Research from institutions like the Federal Reserve Bank of Kansas City highlights this crucial financial connection. As stablecoin development continues to deepen, its total market capitalization is expected to grow from over $300 billion currently to trillions of dollars within just three years, stimulating demand for U.S. short-term government bonds.
The Federal Reserve Bank of Kansas City noted in its analysis that while stablecoins may replace demand for other short-term instruments like money market funds, they will create a significant incremental demand for U.S. debt.
A New Anchor of Stability
As fiscal and monetary policies come under scrutiny, the growing demand for U.S. Treasury bonds will greatly benefit the United States. Research from the Federal Reserve confirms that stablecoins are not merely a cryptocurrency phenomenon but a vital new component of the U.S. government financing system.

The U.S. national debt clock tracks U.S. Treasury debt in real-time and its proportion in American households, vividly reminding people of the growing fiscal burden in the U.S. (Image source: Selcuk Acar/Anadolu via Getty Images)
The U.S. national debt has reached $38 trillion and is growing rapidly! The increasing demand for national debt will absorb massive U.S. government debt issuance while potentially helping to lower borrowing costs.

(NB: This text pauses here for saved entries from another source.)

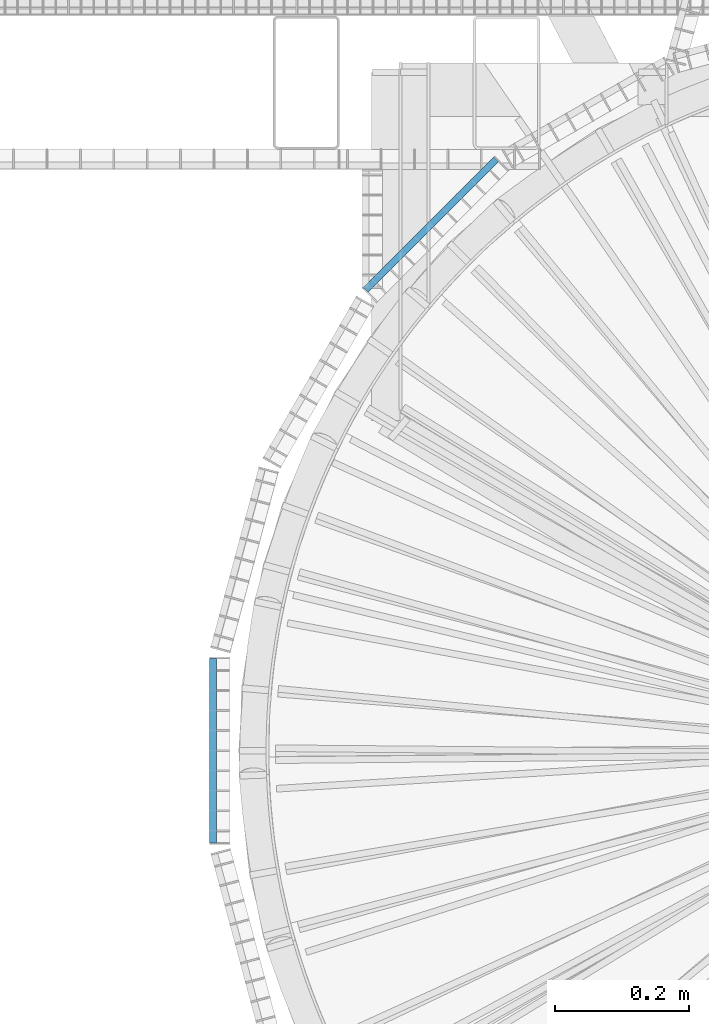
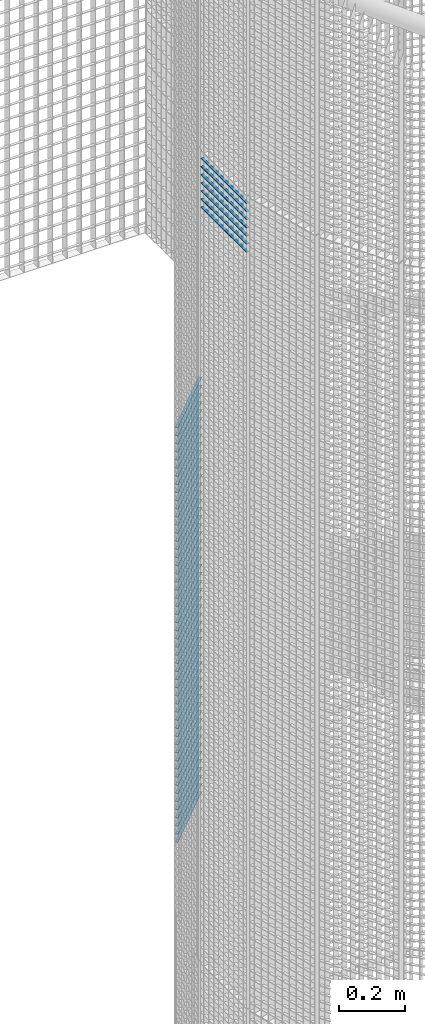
# One storey, part 210 of 1183: 59 beams, 2 elements without a shape of their own.
"""IFC2X3 building model written with IfcOpenShell, lengths in millimetres."""

import ifcopenshell
import ifcopenshell.guid

model = None  # the IFC model being written
_history = None  # IfcOwnerHistory: only IFC2X3 demands one
_inside = {}  # id of a spatial element -> (the spatial element, [elements in it])
_under = {}  # id of a project, library or spatial element -> (it, [spatial elements below it])
_declared = {}  # id of a project -> (the project, [libraries it declares])
_typed = {}  # id of a type object -> (the type object, [elements of that type])
_made_of = {}  # id of a material, layer set ... -> (it, [elements and type objects made of it])


def new_model(schema):
    """Start an empty IFC model of exactly this schema.

    Asked for "IFC4X3", IfcOpenShell would pick the latest addendum, in which some entities
    have other attributes; the version numbers below select the first issue.
    IFC2X3 requires an IfcOwnerHistory on every rooted entity: one is made here for all.
    """
    global model, _history
    if schema == "IFC4X3":
        model = ifcopenshell.file(schema_version=(4, 3, 0, 0))
    else:
        model = ifcopenshell.file(schema=schema)
    _inside.clear()
    _under.clear()
    _declared.clear()
    _typed.clear()
    _made_of.clear()
    _history = None
    if model.schema == "IFC2X3":
        org = make("IfcOrganization", Name="unknown")
        user = make(
            "IfcPersonAndOrganization",
            ThePerson=make("IfcPerson", FamilyName="unknown"),
            TheOrganization=org,
        )
        app = make(
            "IfcApplication",
            ApplicationDeveloper=org,
            Version="unknown",
            ApplicationFullName="unknown",
            ApplicationIdentifier="unknown",
        )
        _history = make(
            "IfcOwnerHistory",
            OwningUser=user,
            OwningApplication=app,
            ChangeAction="ADDED",
            CreationDate=0,
        )
    return model


def make(cls, **values):
    """One entity of the class cls with the attributes given. An attribute that is None is left unset."""
    return model.create_entity(
        cls, **{name: value for name, value in values.items() if value is not None}
    )


def rooted(cls, **values):
    """An entity with a GlobalId (a new one), such as an element, a storey or a relation."""
    return make(cls, GlobalId=ifcopenshell.guid.new(), OwnerHistory=_history, **values)


def si_unit(unit_type, name, prefix=None):
    """IfcSIUnit, for example si_unit("LENGTHUNIT", "METRE", prefix="MILLI")."""
    return make("IfcSIUnit", UnitType=unit_type, Prefix=prefix, Name=name)


def assignment(units):
    """IfcUnitAssignment: the units of a project."""
    return None if units is None else make("IfcUnitAssignment", Units=units)


def point(xyz):
    """IfcCartesianPoint."""
    return None if xyz is None else make("IfcCartesianPoint", Coordinates=xyz)


def direction(xyz):
    """IfcDirection."""
    return None if xyz is None else make("IfcDirection", DirectionRatios=xyz)


def frame(location, z_axis=None, x_axis=None):
    """IfcAxis2Placement3D, a coordinate frame: its origin and axes. An axis left out is left unset."""
    return make(
        "IfcAxis2Placement3D",
        Location=point(location),
        Axis=direction(z_axis),
        RefDirection=direction(x_axis),
    )


def frame_2d(location, x_axis=None):
    """IfcAxis2Placement2D, a coordinate frame in the plane: its origin and x axis."""
    return make(
        "IfcAxis2Placement2D", Location=point(location), RefDirection=direction(x_axis)
    )


def origin_with_axes():
    """The frame at (0, 0, 0) with the z axis (0, 0, 1) and the x axis (1, 0, 0) written out."""
    return frame((0.0, 0.0, 0.0), z_axis=(0.0, 0.0, 1.0), x_axis=(1.0, 0.0, 0.0))


def origin_2d_with_axis():
    """The frame at (0, 0) in the plane with the x axis (1, 0) written out."""
    return frame_2d((0.0, 0.0), x_axis=(1.0, 0.0))


def place(relative_to, where):
    """IfcLocalPlacement: puts the frame where relative to a parent placement (None: the world)."""
    return make(
        "IfcLocalPlacement", PlacementRelTo=relative_to, RelativePlacement=where
    )


def context(
    kind, dimensions, precision=None, world=None, true_north=None, identifier=None
):
    """IfcGeometricRepresentationContext, for example the 3D "Model" context."""
    return make(
        "IfcGeometricRepresentationContext",
        ContextIdentifier=identifier,
        ContextType=kind,
        CoordinateSpaceDimension=dimensions,
        Precision=precision,
        WorldCoordinateSystem=world,
        TrueNorth=true_north,
    )


def subcontext(parent, identifier, kind, view, scale=None):
    """IfcGeometricRepresentationSubContext, for example "Body" below "Model"."""
    return make(
        "IfcGeometricRepresentationSubContext",
        ContextIdentifier=identifier,
        ContextType=kind,
        ParentContext=parent,
        TargetScale=scale,
        TargetView=view,
    )


def project(units=None, contexts=None):
    """IfcProject with its units and contexts."""
    return rooted(
        "IfcProject",
        Name="project",
        RepresentationContexts=contexts,
        UnitsInContext=assignment(units),
    )


def spatial(cls, under=None, at=None, **own):
    """A site, building, storey or space (cls), placed at a placement, below another one or the project."""
    s = rooted(cls, ObjectPlacement=at, **own)
    if under is not None:
        _under.setdefault(under.id(), (under, []))[1].append(s)
    return s


def profile(cls, at=None, kind="AREA", **sizes):
    """A parametric profile (cls). Its sizes go by their IFC names, for example OverallWidth=200.0."""
    return make(cls, ProfileType=kind, Position=at, **sizes)


def rectangle(**sizes):
    """IfcRectangleProfileDef."""
    return profile("IfcRectangleProfileDef", **sizes)


def extrude(swept, where, along, depth):
    """IfcExtrudedAreaSolid: the profile swept, set in the frame where, extruded along a direction by depth."""
    return make(
        "IfcExtrudedAreaSolid",
        SweptArea=swept,
        Position=where,
        ExtrudedDirection=direction(along),
        Depth=depth,
    )


def shape(context_of_items, identifier, shape_type, items):
    """IfcShapeRepresentation: the items that make up one representation, for example the "Body"."""
    return make(
        "IfcShapeRepresentation",
        ContextOfItems=context_of_items,
        RepresentationIdentifier=identifier,
        RepresentationType=shape_type,
        Items=items,
    )


def material(Name=None, Category=None):
    """IfcMaterial."""
    return make("IfcMaterial", Name=Name, Category=Category)


def made_of(thing, what):
    """Note that an element or type object is made of a material, layer set ...; save() writes the relation."""
    if what is not None:
        _made_of.setdefault(what.id(), (what, []))[1].append(thing)
    return thing


def type_object(cls, material=None, **own):
    """A type object (cls), such as IfcWallType, which elements share."""
    return made_of(rooted(cls, **own), material)


def element(
    cls,
    number,
    at=None,
    inside=None,
    cuts=None,
    type_object=None,
    material=None,
    context=None,
    identifier="Body",
    shape_type=None,
    held_by="IfcProductDefinitionShape",
    body=None,
    shapes=None,
    **own,
):
    """One element of the class cls, such as IfcWall. Its Tag is "e" and its number.

    at: its placement. inside: the storey or other place that contains it. cuts: it is an
    opening in that element (IfcRelVoidsElement). A single representation is given by context,
    identifier, shape_type and body (its items); several are given by shapes. held_by: the class
    of the entity that holds the representations. save() writes the other relations.
    """
    e = rooted(cls, Tag="e%d" % number, ObjectPlacement=at, **own)
    if body is not None:
        shapes = [shape(context, identifier, shape_type, body)]
    if shapes is not None:
        e.Representation = make(held_by, Representations=shapes)
    if inside is not None:
        _inside.setdefault(inside.id(), (inside, []))[1].append(e)
    if cuts is not None:
        rooted(
            "IfcRelVoidsElement", RelatingBuildingElement=cuts, RelatedOpeningElement=e
        )
    if type_object is not None:
        _typed.setdefault(type_object.id(), (type_object, []))[1].append(e)
    return made_of(e, material)


def aggregate(whole, parts):
    """IfcRelAggregates: a whole, such as a stair, and the parts it consists of."""
    return rooted("IfcRelAggregates", RelatingObject=whole, RelatedObjects=parts)


def save(model, path):
    """Write the relations noted so far, then the file.

    IfcRelAggregates (storeys below a building ...), IfcRelContainedInSpatialStructure (elements
    in a storey), IfcRelDefinesByType, IfcRelAssociatesMaterial and IfcRelDeclares: one each for
    every whole, place, type object, material and project.
    """
    for whole, parts in _under.values():
        aggregate(whole, parts)
    for where, things in _inside.values():
        rooted(
            "IfcRelContainedInSpatialStructure",
            RelatedElements=things,
            RelatingStructure=where,
        )
    for kind, things in _typed.values():
        rooted("IfcRelDefinesByType", RelatedObjects=things, RelatingType=kind)
    for what, things in _made_of.values():
        rooted("IfcRelAssociatesMaterial", RelatedObjects=things, RelatingMaterial=what)
    for by, libraries in _declared.values():
        rooted("IfcRelDeclares", RelatingContext=by, RelatedDefinitions=libraries)
    model.write(path)


model = new_model("IFC2X3")

# Units and contexts
model_context = context("Model", 3, precision=1e-05, world=origin_with_axes())
body_context = subcontext(model_context, "Body", "Model", "MODEL_VIEW")
ifc_project = project(units=[si_unit("LENGTHUNIT", "METRE", prefix="MILLI"), si_unit("AREAUNIT", "SQUARE_METRE"), si_unit("VOLUMEUNIT", "CUBIC_METRE"), si_unit("MASSUNIT", "GRAM", prefix="KILO"), si_unit("TIMEUNIT", "SECOND"), si_unit("PLANEANGLEUNIT", "RADIAN"), si_unit("SOLIDANGLEUNIT", "STERADIAN"), si_unit("THERMODYNAMICTEMPERATUREUNIT", "DEGREE_CELSIUS"), si_unit("LUMINOUSINTENSITYUNIT", "LUMEN")], contexts=[model_context])

# Site, building, storey
site_placement = place(None, origin_with_axes())
site = spatial("IfcSite", under=ifc_project, at=site_placement, Name="Undefined", CompositionType="ELEMENT")
building_placement = place(site_placement, origin_with_axes())
building = spatial("IfcBuilding", under=site, at=building_placement, Name="Undefined", CompositionType="ELEMENT")
storey_placement = place(building_placement, origin_with_axes())
storey = spatial("IfcBuildingStorey", under=building, at=storey_placement, Name="Undefined", CompositionType="ELEMENT", Elevation=0.0)

# Assembly, beams
assembly_1_placement = place(storey_placement, origin_with_axes())
assembly_1 = element("IfcElementAssembly", 1, at=assembly_1_placement, inside=storey, Name="BORDURE", AssemblyPlace="NOTDEFINED", PredefinedType="NOTDEFINED")
ifc_material = material(Name="STEEL/S235JR")
beam_type = type_object("IfcBeamType", Name="PL2*10", PredefinedType="NOTDEFINED")
beam_1_placement = place(assembly_1_placement, frame((-689.771348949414, 884.927168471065, 4560.0), z_axis=(-0.707106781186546, 0.707106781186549, 0.0), x_axis=(-0.70710678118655, -0.707106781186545, 0.0)))
beam_1 = element("IfcBeam", 2, at=beam_1_placement, type_object=beam_type, material=ifc_material, Name="ENTRETOISE", context=body_context, shape_type="SweptSolid", body=[
    extrude(rectangle(XDim=2.0, YDim=10.0, at=origin_2d_with_axis()), frame((275.999999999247, 9.09494701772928e-13, 1.53210777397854e-14), z_axis=(-1.0, 0.0, 0.0), x_axis=(0.0, -1.0, 0.0)), (0.0, 0.0, 1.0), 276.0),
])
beam_2_placement = place(assembly_1_placement, frame((-689.771348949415, 884.927168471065, 4530.0), z_axis=(-0.707106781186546, 0.707106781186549, 0.0), x_axis=(-0.70710678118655, -0.707106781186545, 0.0)))
beam_2 = element("IfcBeam", 3, at=beam_2_placement, type_object=beam_type, material=ifc_material, Name="ENTRETOISE", context=body_context, shape_type="SweptSolid", body=[
    extrude(rectangle(XDim=2.0, YDim=10.0, at=origin_2d_with_axis()), frame((275.999999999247, 9.09494701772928e-13, 1.53210777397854e-14), z_axis=(-1.0, 0.0, 0.0), x_axis=(0.0, -1.0, 0.0)), (0.0, 0.0, 1.0), 276.0),
])
beam_3_placement = place(assembly_1_placement, frame((-689.771348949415, 884.927168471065, 4500.0), z_axis=(-0.707106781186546, 0.707106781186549, 0.0), x_axis=(-0.70710678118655, -0.707106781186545, 0.0)))
beam_3 = element("IfcBeam", 4, at=beam_3_placement, type_object=beam_type, material=ifc_material, Name="ENTRETOISE", context=body_context, shape_type="SweptSolid", body=[
    extrude(rectangle(XDim=2.0, YDim=10.0, at=origin_2d_with_axis()), frame((275.999999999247, 9.09494701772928e-13, 1.53210777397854e-14), z_axis=(-1.0, 0.0, 0.0), x_axis=(0.0, -1.0, 0.0)), (0.0, 0.0, 1.0), 276.0),
])
beam_4_placement = place(assembly_1_placement, frame((-689.771348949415, 884.927168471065, 4470.0), z_axis=(-0.707106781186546, 0.707106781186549, 0.0), x_axis=(-0.70710678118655, -0.707106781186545, 0.0)))
beam_4 = element("IfcBeam", 5, at=beam_4_placement, type_object=beam_type, material=ifc_material, Name="ENTRETOISE", context=body_context, shape_type="SweptSolid", body=[
    extrude(rectangle(XDim=2.0, YDim=10.0, at=origin_2d_with_axis()), frame((275.999999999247, 9.09494701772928e-13, 1.53210777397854e-14), z_axis=(-1.0, 0.0, 0.0), x_axis=(0.0, -1.0, 0.0)), (0.0, 0.0, 1.0), 276.0),
])
beam_5_placement = place(assembly_1_placement, frame((-689.771348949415, 884.927168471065, 4440.0), z_axis=(-0.707106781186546, 0.707106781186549, 0.0), x_axis=(-0.70710678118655, -0.707106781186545, 0.0)))
beam_5 = element("IfcBeam", 6, at=beam_5_placement, type_object=beam_type, material=ifc_material, Name="ENTRETOISE", context=body_context, shape_type="SweptSolid", body=[
    extrude(rectangle(XDim=2.0, YDim=10.0, at=origin_2d_with_axis()), frame((275.999999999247, 9.09494701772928e-13, 1.53210777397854e-14), z_axis=(-1.0, 0.0, 0.0), x_axis=(0.0, -1.0, 0.0)), (0.0, 0.0, 1.0), 276.0),
])
beam_6_placement = place(assembly_1_placement, frame((-689.771348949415, 884.927168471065, 4410.0), z_axis=(-0.707106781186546, 0.707106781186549, 0.0), x_axis=(-0.70710678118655, -0.707106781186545, 0.0)))
beam_6 = element("IfcBeam", 7, at=beam_6_placement, type_object=beam_type, material=ifc_material, Name="ENTRETOISE", context=body_context, shape_type="SweptSolid", body=[
    extrude(rectangle(XDim=2.0, YDim=10.0, at=origin_2d_with_axis()), frame((275.999999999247, 9.09494701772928e-13, 1.53210777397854e-14), z_axis=(-1.0, 0.0, 0.0), x_axis=(0.0, -1.0, 0.0)), (0.0, 0.0, 1.0), 276.0),
])
beam_7_placement = place(assembly_1_placement, frame((-689.771348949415, 884.927168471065, 4380.0), z_axis=(-0.707106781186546, 0.707106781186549, 0.0), x_axis=(-0.70710678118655, -0.707106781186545, 0.0)))
beam_7 = element("IfcBeam", 8, at=beam_7_placement, type_object=beam_type, material=ifc_material, Name="ENTRETOISE", context=body_context, shape_type="SweptSolid", body=[
    extrude(rectangle(XDim=2.0, YDim=10.0, at=origin_2d_with_axis()), frame((275.999999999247, 9.09494701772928e-13, 1.53210777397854e-14), z_axis=(-1.0, 0.0, 0.0), x_axis=(0.0, -1.0, 0.0)), (0.0, 0.0, 1.0), 276.0),
])
beam_8_placement = place(assembly_1_placement, frame((-689.771348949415, 884.927168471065, 4350.0), z_axis=(-0.707106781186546, 0.707106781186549, 0.0), x_axis=(-0.70710678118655, -0.707106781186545, 0.0)))
beam_8 = element("IfcBeam", 9, at=beam_8_placement, type_object=beam_type, material=ifc_material, Name="ENTRETOISE", context=body_context, shape_type="SweptSolid", body=[
    extrude(rectangle(XDim=2.0, YDim=10.0, at=origin_2d_with_axis()), frame((275.999999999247, 9.09494701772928e-13, 1.53210777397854e-14), z_axis=(-1.0, 0.0, 0.0), x_axis=(0.0, -1.0, 0.0)), (0.0, 0.0, 1.0), 276.0),
])
beam_9_placement = place(assembly_1_placement, frame((-689.771348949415, 884.927168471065, 4320.0), z_axis=(-0.707106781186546, 0.707106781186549, 0.0), x_axis=(-0.70710678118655, -0.707106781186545, 0.0)))
beam_9 = element("IfcBeam", 10, at=beam_9_placement, type_object=beam_type, material=ifc_material, Name="ENTRETOISE", context=body_context, shape_type="SweptSolid", body=[
    extrude(rectangle(XDim=2.0, YDim=10.0, at=origin_2d_with_axis()), frame((275.999999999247, 9.09494701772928e-13, 1.53210777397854e-14), z_axis=(-1.0, 0.0, 0.0), x_axis=(0.0, -1.0, 0.0)), (0.0, 0.0, 1.0), 276.0),
])
beam_10_placement = place(assembly_1_placement, frame((-689.771348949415, 884.927168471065, 4290.0), z_axis=(-0.707106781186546, 0.707106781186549, 0.0), x_axis=(-0.70710678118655, -0.707106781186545, 0.0)))
beam_10 = element("IfcBeam", 11, at=beam_10_placement, type_object=beam_type, material=ifc_material, Name="ENTRETOISE", context=body_context, shape_type="SweptSolid", body=[
    extrude(rectangle(XDim=2.0, YDim=10.0, at=origin_2d_with_axis()), frame((275.999999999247, 9.09494701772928e-13, 1.53210777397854e-14), z_axis=(-1.0, 0.0, 0.0), x_axis=(0.0, -1.0, 0.0)), (0.0, 0.0, 1.0), 276.0),
])
beam_11_placement = place(assembly_1_placement, frame((-689.771348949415, 884.927168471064, 4260.0), z_axis=(-0.707106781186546, 0.707106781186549, 0.0), x_axis=(-0.70710678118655, -0.707106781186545, 0.0)))
beam_11 = element("IfcBeam", 12, at=beam_11_placement, type_object=beam_type, material=ifc_material, Name="ENTRETOISE", context=body_context, shape_type="SweptSolid", body=[
    extrude(rectangle(XDim=2.0, YDim=10.0, at=origin_2d_with_axis()), frame((275.999999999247, 9.09494701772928e-13, 1.53210777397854e-14), z_axis=(-1.0, 0.0, 0.0), x_axis=(0.0, -1.0, 0.0)), (0.0, 0.0, 1.0), 276.0),
])
beam_12_placement = place(assembly_1_placement, frame((-689.771348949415, 884.927168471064, 4230.0), z_axis=(-0.707106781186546, 0.707106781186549, 0.0), x_axis=(-0.70710678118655, -0.707106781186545, 0.0)))
beam_12 = element("IfcBeam", 13, at=beam_12_placement, type_object=beam_type, material=ifc_material, Name="ENTRETOISE", context=body_context, shape_type="SweptSolid", body=[
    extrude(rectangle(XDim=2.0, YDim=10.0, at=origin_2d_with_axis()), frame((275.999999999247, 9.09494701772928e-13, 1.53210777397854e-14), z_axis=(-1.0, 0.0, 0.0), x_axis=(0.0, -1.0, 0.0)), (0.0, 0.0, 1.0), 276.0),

Shadow banking is often a pejorative term, but as financial institutions develop stablecoins, shadow banking may further proliferate. (Image source: Ernst Haas/Ernst Haas/Getty Images)
Ironically, the proliferation of stablecoins has fostered the spread of a term that is often avoided in banking—shadow banking. By mandating that reserve assets must possess extremely high quality and liquidity, regulators have effectively turned the digital asset industry into "captive investors" of U.S. debt.
Stablecoins Promote Strong Dollar Policies

As people around the world choose dollar-denominated stablecoins, the strength and importance of the dollar will increase. (Image source: Matias Baglietto/NurPhoto via Getty Images)
Each issuance of a dollar-denominated stablecoin effectively represents a vote of confidence in the dollar, reinforcing its status as the world's reserve currency. The digital infrastructure built by stablecoins makes it easier for people in other parts of the world to transact and save in dollars, further solidifying the dollar's global financial dominance during today's times of global financial turmoil.
Global Interconnectivity and Regulatory Challenges of Stablecoins

Global financial leaders must examine how to leverage stablecoin technology while avoiding potential negative impacts on the economies that rely most on stability. (Image source: Andrew Harnik/Getty Images)
The stablecoin market has created a direct and instantaneous channel for capital transfer: the risk-averse mentality in developing countries has driven an insatiable global demand for safe assets backed by U.S. Treasury bonds, especially in emerging markets.
When citizens exchange their local currencies for dollars to avoid the risks of inflation and economic instability, these exchanged funds ultimately enhance the financial strength of the United States. Dollar-denominated stablecoins can facilitate capital operations that the global financial system would typically take days to complete in just seconds.
While opening doors for those affected by hyperinflation and economic instability, the rapid growth of stablecoins also presents challenges for global financial regulators and banks, as they need to find ways to harness the advantages of stablecoin technology (cheaper cross-border payments and inclusive finance) without undermining the stability of the most vulnerable economies they serve.